Abertura comercial tem o potencial de colocar a economia brasileira numa trajetória de crescimento rápido
Globo
Autoridades brasileiras na busca por soluções para a crise com os Estados Unidos devem lembrar que podem existir vantagens para o país se Donald Trump der início a negociações com ênfase em questões comerciais. Confirmado esse cenário, o fato de os americanos serem superavitários nas trocas com o Brasil não deve ser usado para encerrar a questão. O governo Lula precisa aproveitar a oportunidade para promover a abertura da economia brasileira, uma das mais fechadas do mundo. O ganho imediato será encerrar a celeuma com Trump. Mas é essencial lembrar que ceder, neste caso, não significa perder. Pelo contrário. Ao facilitar a entrada de produtos importados, o Brasil poderá destravar o potencial de crescimento.
Os brasileiros conhecem como poucos as consequências nefastas do protecionismo. Há décadas, a economia cresce num ritmo medíocre. Na corrida global, o país não para de ser ultrapassado. Como revelou o jornal Valor Econômico, o Brasil ocupava em 1980 o 48º lugar no ranking do Produto Interno Bruto (PIB) per capita calculado levando em conta o poder de compra. No ano passado, ficou na 85ª posição. Pelas projeções do Fundo Monetário Internacional (FMI), chegará à 89ª até 2030. A cada ano que passa, está mais próximo da metade mais pobre do planeta.
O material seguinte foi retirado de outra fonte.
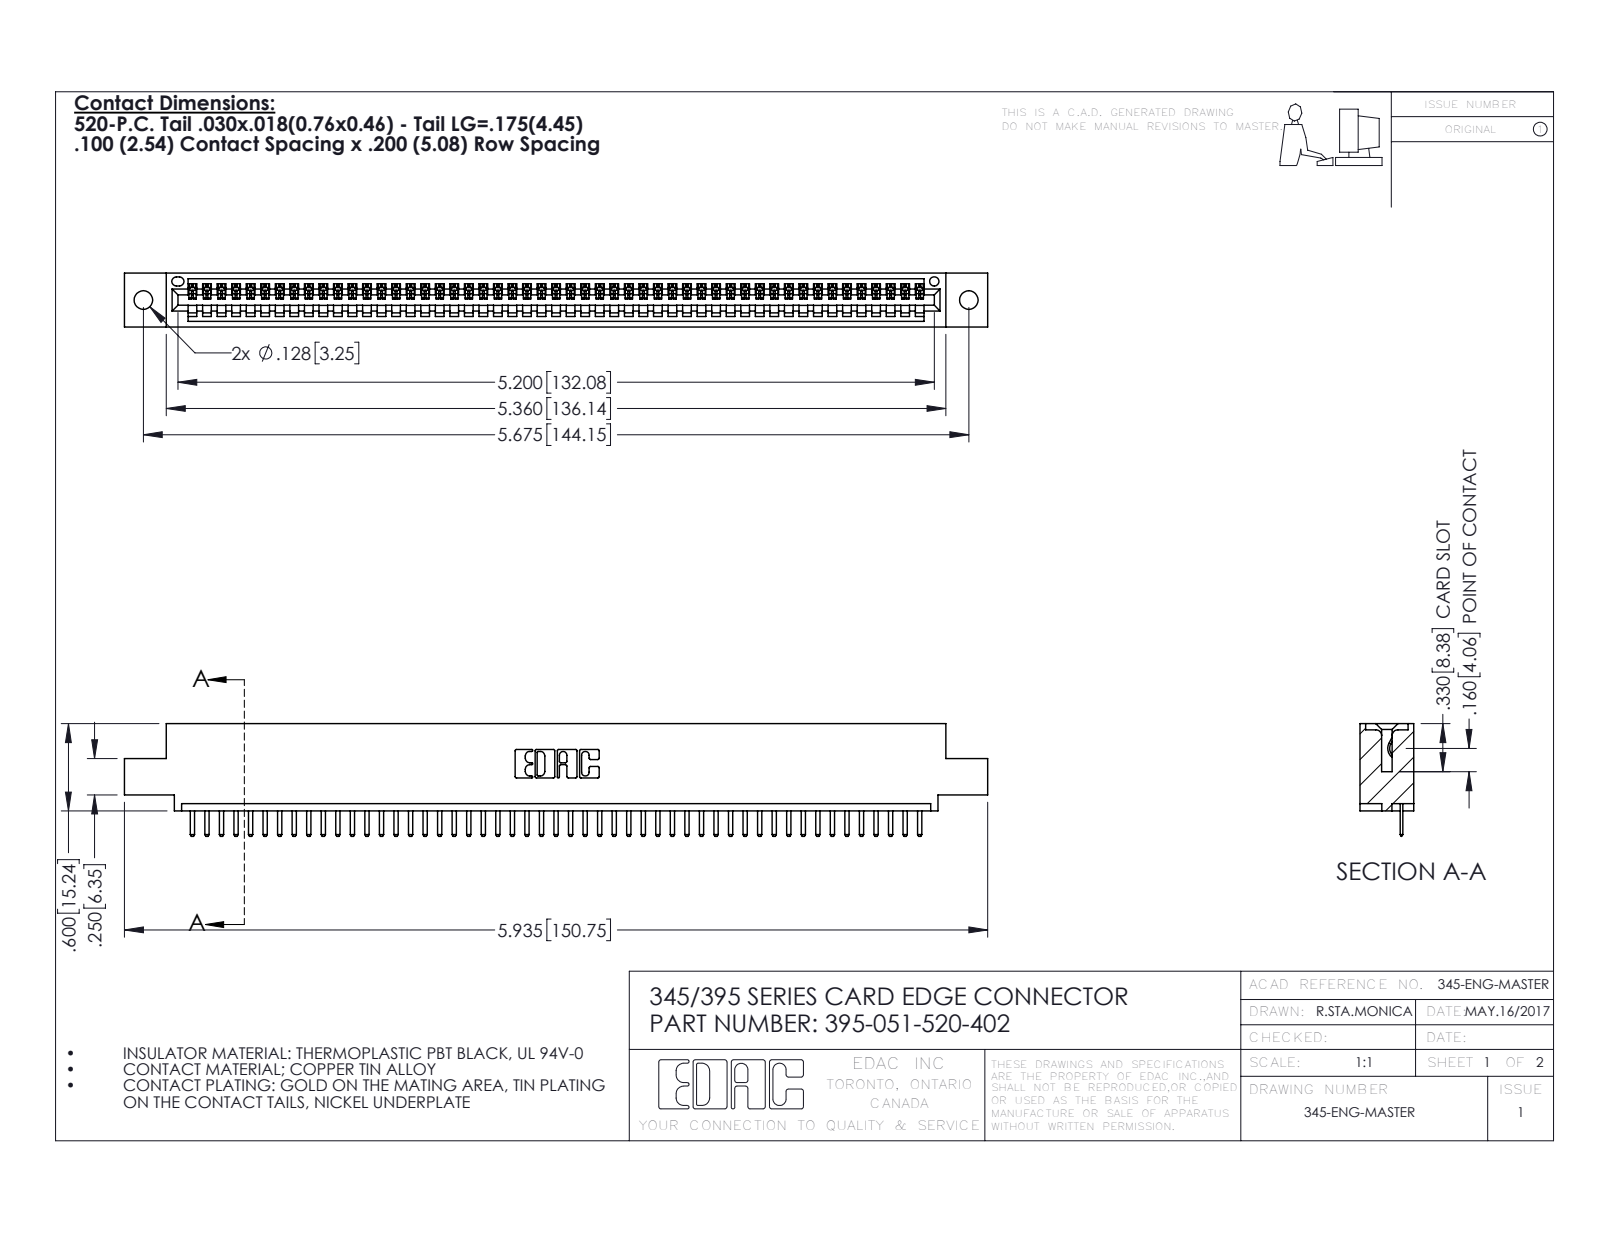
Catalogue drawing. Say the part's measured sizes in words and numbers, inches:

Uma das explicações para a lentidão na produção de riqueza é a baixa competição de importados no mercado doméstico. Sem muita concorrência, as empresas locais têm muito incentivo para vender produtos caros e pouco estímulo para inovar. Num ambiente complacente, a busca pela produtividade acaba desincentivada. Por isso ela cresce a passos lentos, muito abaixo das principais economias. Em 1980, eram necessários dois brasileiros para produzir o mesmo que um americano. Hoje é preciso juntar um grupo de quatro. A situação só piora.
“Existem evidências abundantes de que uma maior integração comercial teria efeitos positivos sobre a produtividade e contribuiria para a redução dos preços ao consumidor”, diz Fernando Veloso, diretor de pesquisa do Instituto Mobilidade e Desenvolvimento Social (IMDS) e um dos autores do livro recém-lançado “Integração comercial internacional do Brasil”.
Embora o saldo para a sociedade seja positivo, os que saem perdendo com a abertura precisam de algum apoio para buscar atividades alternativas. Mas tal desafio não deve ser usado como desculpa para manter o Brasil preso numa situação de baixo crescimento perpétuo. Por certo, o desenvolvimento econômico depende de outras dimensões, entre elas a infraestrutura. A consultoria Inter.B estima que para o Brasil modernizar esse setor de forma adequada seria necessário mais que dobrar os investimentos por 20 anos. Avanços em capital humano são igualmente essenciais. Todos esses objetivos devem ser perseguidos ao mesmo tempo.
Se Trump abandonar demandas absurdas, como a ingerência no Judiciário, e concentrar a negociação no comércio poderá estar fazendo um favor ao Brasil. Tudo dependerá dos detalhes finais de um futuro acordo. É verdade que Trump acredita no protecionismo. Mas isso é um problema dos americanos.